Word for word, print each record, dropping any image it holds.

> [Data to use]:
#####
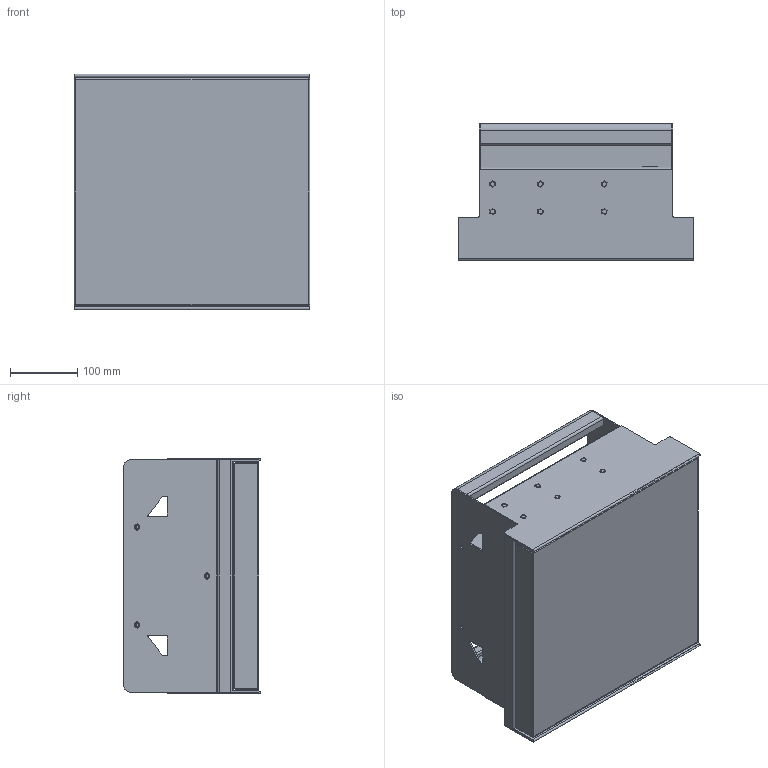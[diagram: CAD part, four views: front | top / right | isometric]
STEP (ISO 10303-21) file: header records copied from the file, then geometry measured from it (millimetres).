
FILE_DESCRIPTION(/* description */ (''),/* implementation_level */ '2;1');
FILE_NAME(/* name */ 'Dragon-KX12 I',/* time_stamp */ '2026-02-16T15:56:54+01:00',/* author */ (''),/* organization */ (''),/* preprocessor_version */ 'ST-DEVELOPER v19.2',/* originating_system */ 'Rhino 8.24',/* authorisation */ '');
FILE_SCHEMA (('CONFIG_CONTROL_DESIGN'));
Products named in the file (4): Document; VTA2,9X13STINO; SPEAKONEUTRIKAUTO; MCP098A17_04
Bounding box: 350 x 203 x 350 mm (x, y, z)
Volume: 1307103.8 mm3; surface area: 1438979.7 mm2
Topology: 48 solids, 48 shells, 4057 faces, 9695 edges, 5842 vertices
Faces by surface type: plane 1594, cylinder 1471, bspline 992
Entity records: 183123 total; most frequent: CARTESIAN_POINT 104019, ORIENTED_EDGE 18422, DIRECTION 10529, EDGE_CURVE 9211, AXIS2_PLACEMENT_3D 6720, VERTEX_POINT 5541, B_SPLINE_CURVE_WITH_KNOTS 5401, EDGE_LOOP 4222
#####
> [Exercise output]:
[diagram: CAD part, four views: front | top / right | isometric]
STEP (ISO 10303-21) file: header records copied from the file, then geometry measured from it (millimetres).
FILE_DESCRIPTION(/* description */ (''),/* implementation_level */ '2;1');
FILE_NAME(/* name */ 'Dragon-KX12 I',/* time_stamp */ '2026-02-16T15:56:54+01:00',/* author */ (''),/* organization */ (''),/* preprocessor_version */ 'ST-DEVELOPER v19.2',/* originating_system */ 'Rhino 8.24',/* authorisation */ '');
FILE_SCHEMA (('CONFIG_CONTROL_DESIGN'));
Products named in the file (4): Document; VTA2,9X13STINO; SPEAKONEUTRIKAUTO; MCP098A17_04
Bounding box: 350 x 203 x 350 mm (x, y, z)
Volume: 1307103.8 mm3; surface area: 1438979.7 mm2
Topology: 48 solids, 48 shells, 4057 faces, 9695 edges, 5842 vertices
Faces by surface type: plane 1594, cylinder 1471, bspline 992
Entity records: 183123 total; most frequent: CARTESIAN_POINT 104019, ORIENTED_EDGE 18422, DIRECTION 10529, EDGE_CURVE 9211, AXIS2_PLACEMENT_3D 6720, VERTEX_POINT 5541, B_SPLINE_CURVE_WITH_KNOTS 5401, EDGE_LOOP 4222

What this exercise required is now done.